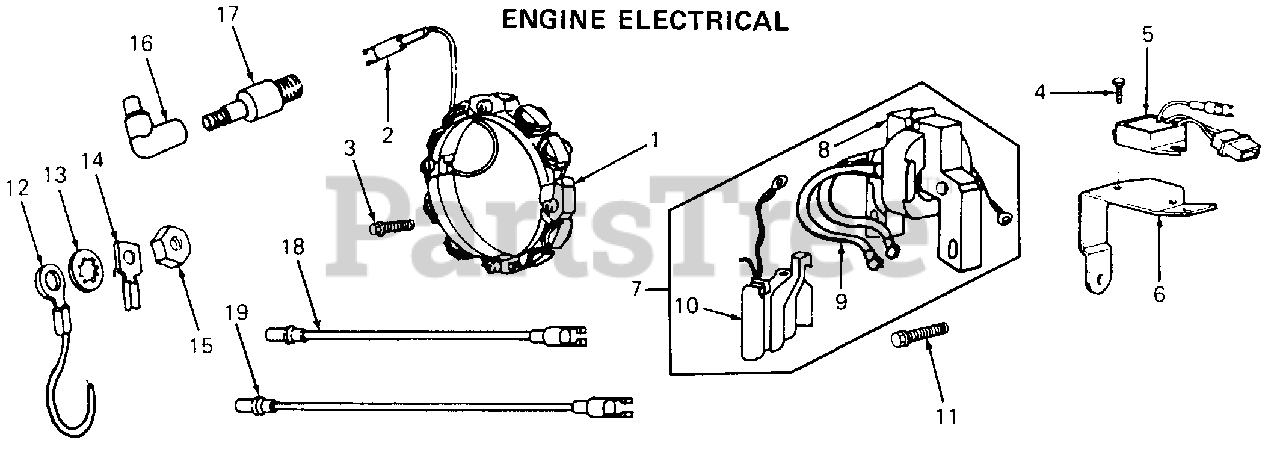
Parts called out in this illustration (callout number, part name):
1	Stator, Alternator (Tri-Circuit System)
2	Connector Assembly (Tri-Circuit System)
3	Screw, Sem
4	Screw, Regulator Mtg
5	Regulator, Alternator (Regulated System)
6	Bracket, Regulator
7	Armature Magnetron
8	Armature Assy
9	Terminal, Ignition Cable
10	Trigger Coil Assy, Magnetron Ignition
11	Screw, Armature Mtg Sem
12	Wire, Ground
13	Washer, Lock, Shakeproof
14	Terminal, Spade
15	Nut, Hex 8-32
16	Elbow, Spark Plug
17	Spark Plug, Resistor
18	Cable, Alternator Extension (Tri-Circuit System)
19	Cable, Magneto Extension (Tri-Circuit System)
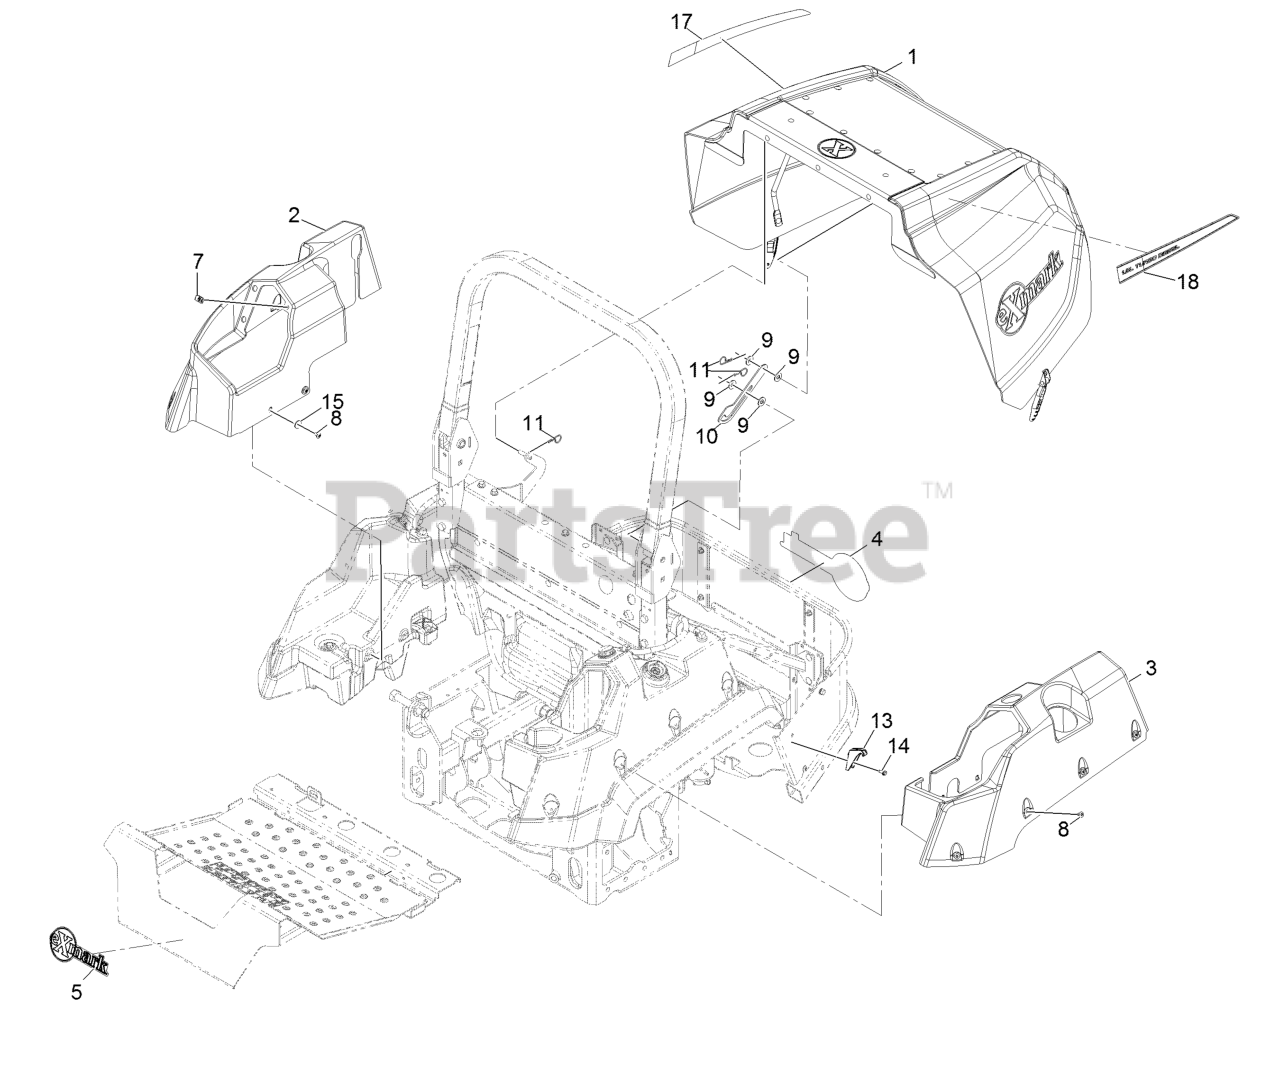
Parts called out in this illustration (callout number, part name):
1	Hood ASM
2	Cover-Tank, RH
3	Cover-Tank, LH
4	Decal-Exmark
5	Decal-Exmark
8	Screw-Torx
9	Washer-Flat
10	Prop-Hood
11	Pin-Cotter, Hair
13	Latch-Catch
14	Screw-HWH
15	Washer-Flat
17	Decal-Turbo Diesel-RH
18	Decal-Turbo Diesel-LH
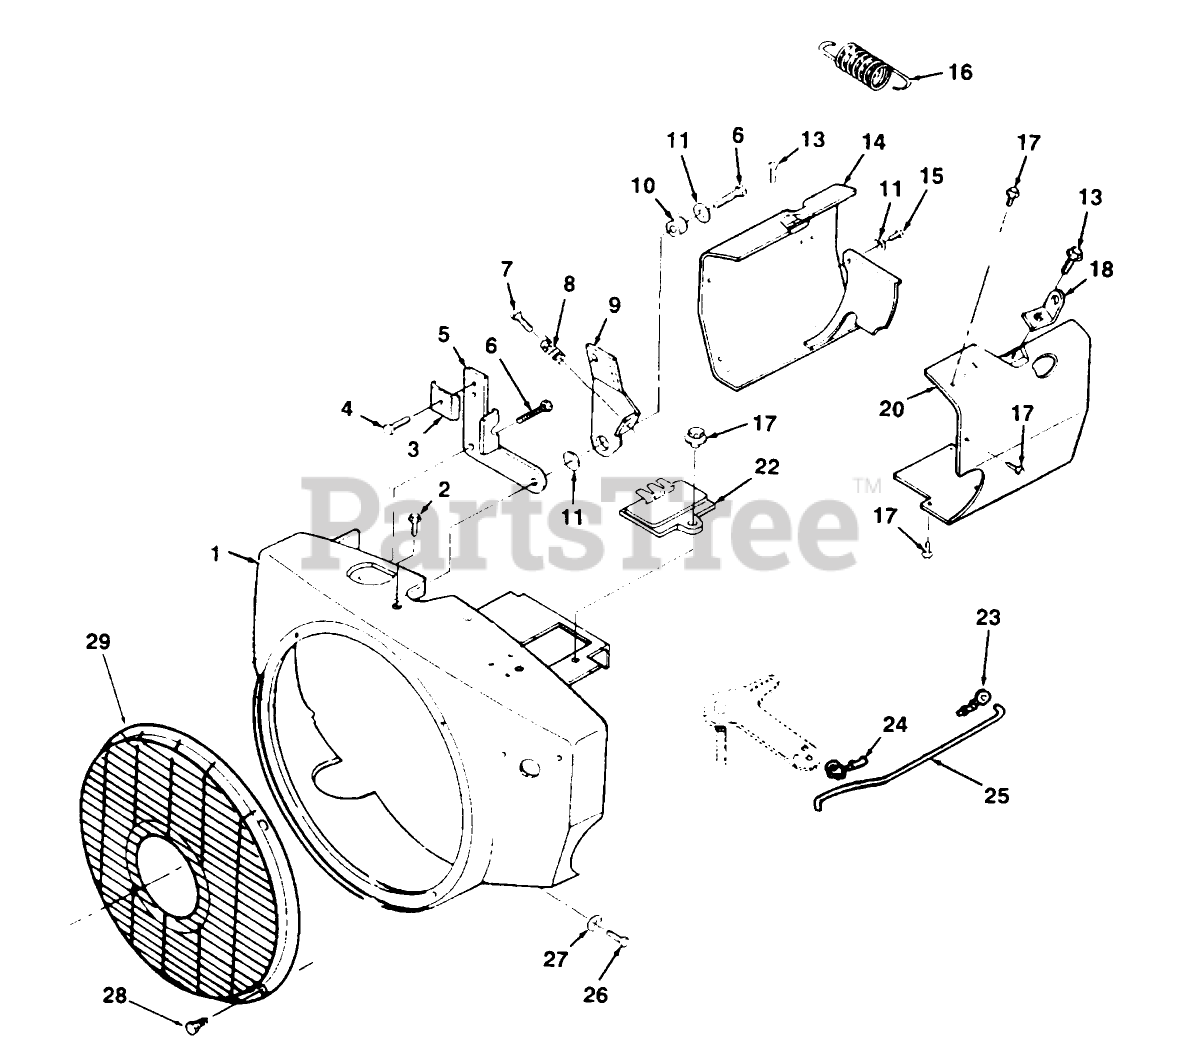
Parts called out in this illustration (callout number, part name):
1	HOUSING-BLOWER
2	SCREW-HWH
4	SCREW-TAPPING
5	BRACKET-GOVERNOR
6	SCREW-HWH
7	Screw-Hex. Hd.
8	SPRING
10	BUSHING
11	WASHER-FLAT
13	SCREW-HWH
14	HOUSING-AIR CYLINDER, LH
15	SCREW-HH
16	SPRING
17	SCREW-HWH
18	BRACKET-LIFTING
20	HOUSING-AIR CYLINDER, RH
22	REGULATOR
25	ROD-GOV CONTROL
26	Screw-Tapping
27	WASHER-FLAT
28	SCREW-PAN HEAD
29	GUARD-STATIONARY

◇ ◇ ◇

ASSIGNMENT: Retype word for word all the material given above, and keep the pictures out.

EXERCISE RESPONSE:
Parts called out in this illustration (callout number, part name):
1	Stator, Alternator (Tri-Circuit System)
2	Connector Assembly (Tri-Circuit System)
3	Screw, Sem
4	Screw, Regulator Mtg
5	Regulator, Alternator (Regulated System)
6	Bracket, Regulator
7	Armature Magnetron
8	Armature Assy
9	Terminal, Ignition Cable
10	Trigger Coil Assy, Magnetron Ignition
11	Screw, Armature Mtg Sem
12	Wire, Ground
13	Washer, Lock, Shakeproof
14	Terminal, Spade
15	Nut, Hex 8-32
16	Elbow, Spark Plug
17	Spark Plug, Resistor
18	Cable, Alternator Extension (Tri-Circuit System)
19	Cable, Magneto Extension (Tri-Circuit System)
Parts called out in this illustration (callout number, part name):
1	Hood ASM
2	Cover-Tank, RH
3	Cover-Tank, LH
4	Decal-Exmark
5	Decal-Exmark
8	Screw-Torx
9	Washer-Flat
10	Prop-Hood
11	Pin-Cotter, Hair
13	Latch-Catch
14	Screw-HWH
15	Washer-Flat
17	Decal-Turbo Diesel-RH
18	Decal-Turbo Diesel-LH
Parts called out in this illustration (callout number, part name):
1	HOUSING-BLOWER
2	SCREW-HWH
4	SCREW-TAPPING
5	BRACKET-GOVERNOR
6	SCREW-HWH
7	Screw-Hex. Hd.
8	SPRING
10	BUSHING
11	WASHER-FLAT
13	SCREW-HWH
14	HOUSING-AIR CYLINDER, LH
15	SCREW-HH
16	SPRING
17	SCREW-HWH
18	BRACKET-LIFTING
20	HOUSING-AIR CYLINDER, RH
22	REGULATOR
25	ROD-GOV CONTROL
26	Screw-Tapping
27	WASHER-FLAT
28	SCREW-PAN HEAD
29	GUARD-STATIONARY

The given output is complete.